Somehow, all through QA testing, nobody noticed it (or if they did, they
didn't report it). At just about the last possible minute before go-live,
somebody observed it happen. Then there was a mad rush to patch the bug in the
middle of the go-live weekend so the go-live stayed on schedule.

------
19ylram49
Yikes.

This is part of the reason why I prefer to never let any services/apps/etc.
save my bank/card details. If there’s not an option to save the card details
that I can uncheck, 9x out of 10, I reconsider the transaction.

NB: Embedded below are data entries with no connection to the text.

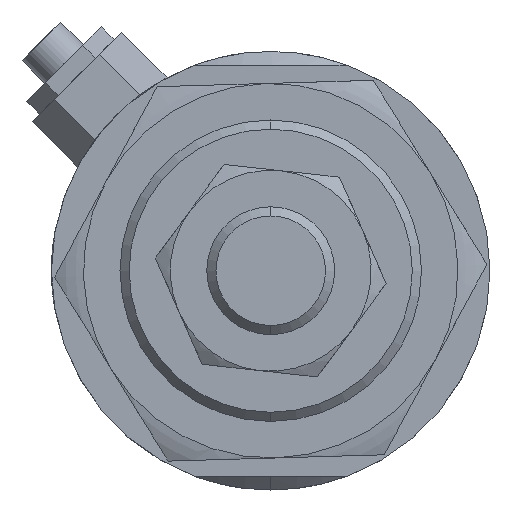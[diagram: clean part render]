
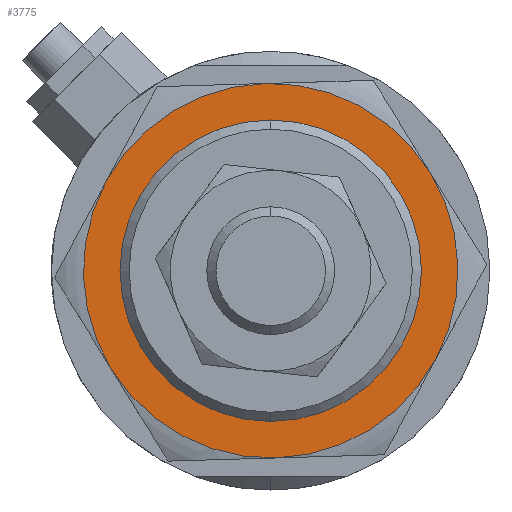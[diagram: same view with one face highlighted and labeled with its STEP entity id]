
A CAD part, left-side view. The second image highlights one B-rep face of the part: STEP entity #3775.
In plain terms, the highlighted planar face has unit normal (-1, 0, 0) as drawn and (0, 0, -1) by its records, which use the part's own axes.
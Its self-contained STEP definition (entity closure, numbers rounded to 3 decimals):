
#47 = EDGE_CURVE ( 'NONE', #3329, #3148, #2449, .T. ) ;
#54 = ORIENTED_EDGE ( 'NONE', *, *, #4624, .F. ) ;
#179 = EDGE_CURVE ( 'NONE', #4548, #3329, #2816, .T. ) ;
#333 = DIRECTION ( 'NONE',  ( 1., 0., 0. ) ) ;
#542 = ORIENTED_EDGE ( 'NONE', *, *, #4381, .T. ) ;
#544 = DIRECTION ( 'NONE',  ( 0., 0., 1. ) ) ;
#577 = DIRECTION ( 'NONE',  ( 0., 0., 1. ) ) ;
#597 = FACE_BOUND ( 'NONE', #2306, .T. ) ;
#691 = CARTESIAN_POINT ( 'NONE',  ( -10.25, 17.754, -5.5 ) ) ;
#697 = ORIENTED_EDGE ( 'NONE', *, *, #1637, .F. ) ;
#752 = DIRECTION ( 'NONE',  ( 1., 0., 0. ) ) ;
#1013 = DIRECTION ( 'NONE',  ( 0., 0., 1. ) ) ;
#1018 = FACE_OUTER_BOUND ( 'NONE', #4857, .T. ) ;
#1082 = CARTESIAN_POINT ( 'NONE',  ( 0., 0., -5.5 ) ) ;
#1222 = VERTEX_POINT ( 'NONE', #2486 ) ;
#1263 = AXIS2_PLACEMENT_3D ( 'NONE', #1942, #2603, #3249 ) ;
#1473 = ORIENTED_EDGE ( 'NONE', *, *, #2490, .T. ) ;
#1542 = CIRCLE ( 'NONE', #4813, 20.5 ) ;
#1548 = DIRECTION ( 'NONE',  ( 0., 0., 1. ) ) ;
#1589 = AXIS2_PLACEMENT_3D ( 'NONE', #2783, #577, #333 ) ;
#1609 = CARTESIAN_POINT ( 'NONE',  ( -10.25, -17.754, -5.5 ) ) ;
#1637 = EDGE_CURVE ( 'NONE', #1222, #3885, #1542, .T. ) ;
#1704 = DIRECTION ( 'NONE',  ( 1., 0., 0. ) ) ;
#1725 = AXIS2_PLACEMENT_3D ( 'NONE', #4312, #2097, #5000 ) ;
#1726 = DIRECTION ( 'NONE',  ( 0., 0., 1. ) ) ;
#1837 = VERTEX_POINT ( 'NONE', #2142 ) ;
#1879 = CIRCLE ( 'NONE', #1725, 20.5 ) ;
#1913 = AXIS2_PLACEMENT_3D ( 'NONE', #3647, #544, #3381 ) ;
#1942 = CARTESIAN_POINT ( 'NONE',  ( 0., 0., -5.5 ) ) ;
#2003 = CARTESIAN_POINT ( 'NONE',  ( 15.5, 0., -5.5 ) ) ;
#2097 = DIRECTION ( 'NONE',  ( 0., 0., 1. ) ) ;
#2142 = CARTESIAN_POINT ( 'NONE',  ( -20.5, 0., -5.5 ) ) ;
#2256 = EDGE_CURVE ( 'NONE', #1837, #4548, #4317, .T. ) ;
#2306 = EDGE_LOOP ( 'NONE', ( #1473, #542 ) ) ;
#2355 = CARTESIAN_POINT ( 'NONE',  ( 0., 0., -5.5 ) ) ;
#2384 = DIRECTION ( 'NONE',  ( 1., 0., 0. ) ) ;
#2448 = AXIS2_PLACEMENT_3D ( 'NONE', #1082, #1013, #752 ) ;
#2449 = CIRCLE ( 'NONE', #4760, 20.5 ) ;
#2486 = CARTESIAN_POINT ( 'NONE',  ( 10.25, 17.754, -5.5 ) ) ;
#2490 = EDGE_CURVE ( 'NONE', #3969, #2701, #3823, .T. ) ;
#2573 = DIRECTION ( 'NONE',  ( 1., 0., 0. ) ) ;
#2603 = DIRECTION ( 'NONE',  ( 0., 0., 1. ) ) ;
#2701 = VERTEX_POINT ( 'NONE', #2840 ) ;
#2783 = CARTESIAN_POINT ( 'NONE',  ( 0., 0., -5.5 ) ) ;
#2807 = DIRECTION ( 'NONE',  ( 0., 0., 1. ) ) ;
#2816 = CIRCLE ( 'NONE', #1913, 20.5 ) ;
#2821 = ORIENTED_EDGE ( 'NONE', *, *, #47, .F. ) ;
#2840 = CARTESIAN_POINT ( 'NONE',  ( -15.5, 0., -5.5 ) ) ;
#2912 = ORIENTED_EDGE ( 'NONE', *, *, #2256, .F. ) ;
#2993 = CARTESIAN_POINT ( 'NONE',  ( 20.5, 0., -5.5 ) ) ;
#3007 = CARTESIAN_POINT ( 'NONE',  ( 10.25, -17.754, -5.5 ) ) ;
#3146 = ORIENTED_EDGE ( 'NONE', *, *, #179, .F. ) ;
#3148 = VERTEX_POINT ( 'NONE', #2993 ) ;
#3249 = DIRECTION ( 'NONE',  ( 1., 0., 0. ) ) ;
#3329 = VERTEX_POINT ( 'NONE', #3007 ) ;
#3381 = DIRECTION ( 'NONE',  ( 1., 0., 0. ) ) ;
#3515 = ORIENTED_EDGE ( 'NONE', *, *, #4580, .F. ) ;
#3647 = CARTESIAN_POINT ( 'NONE',  ( 0., 0., -5.5 ) ) ;
#3775 = ADVANCED_FACE ( 'NONE', ( #597, #1018 ), #4374, .F. ) ;
#3823 = CIRCLE ( 'NONE', #2448, 15.5 ) ;
#3832 = CIRCLE ( 'NONE', #1263, 15.5 ) ;
#3885 = VERTEX_POINT ( 'NONE', #691 ) ;
#3919 = DIRECTION ( 'NONE',  ( 0., 0., 1. ) ) ;
#3949 = CARTESIAN_POINT ( 'NONE',  ( 0., 0., -5.5 ) ) ;
#3969 = VERTEX_POINT ( 'NONE', #2003 ) ;
#4021 = CARTESIAN_POINT ( 'NONE',  ( 0., 0., -5.5 ) ) ;
#4063 = CARTESIAN_POINT ( 'NONE',  ( 0., 0., -5.5 ) ) ;
#4188 = CIRCLE ( 'NONE', #4723, 20.5 ) ;
#4312 = CARTESIAN_POINT ( 'NONE',  ( 0., 0., -5.5 ) ) ;
#4317 = CIRCLE ( 'NONE', #1589, 20.5 ) ;
#4374 = PLANE ( 'NONE',  #4961 ) ;
#4381 = EDGE_CURVE ( 'NONE', #2701, #3969, #3832, .T. ) ;
#4548 = VERTEX_POINT ( 'NONE', #1609 ) ;
#4580 = EDGE_CURVE ( 'NONE', #3148, #1222, #1879, .T. ) ;
#4624 = EDGE_CURVE ( 'NONE', #3885, #1837, #4188, .T. ) ;
#4723 = AXIS2_PLACEMENT_3D ( 'NONE', #3949, #1726, #2384 ) ;
#4760 = AXIS2_PLACEMENT_3D ( 'NONE', #4021, #1548, #5013 ) ;
#4813 = AXIS2_PLACEMENT_3D ( 'NONE', #2355, #3919, #1704 ) ;
#4857 = EDGE_LOOP ( 'NONE', ( #3515, #2821, #3146, #2912, #54, #697 ) ) ;
#4961 = AXIS2_PLACEMENT_3D ( 'NONE', #4063, #2807, #2573 ) ;
#5000 = DIRECTION ( 'NONE',  ( 1., 0., 0. ) ) ;
#5013 = DIRECTION ( 'NONE',  ( 1., 0., 0. ) ) ;

The assumption here though is that the services/apps/etc. that do provide the
option actually respect it; in other words, unless you use fake/virtual card
details (not entirely reliable, in my experience), you can’t be 100% sure that
you’re safe either way, which sucks.

------
taurath
Cross wiring user data is always a bad bug. Especially when it has to deal
with payments and credit card data. I hope this is a very rare thing and they
find the cause quickly. Could be in user authentication, the payment card
tokens, or one of any numbers of things. My bet would be on Auth.

------
newguy1234
Credit cards are never secure by default. It is best to assume that the number
will be stolen eventually.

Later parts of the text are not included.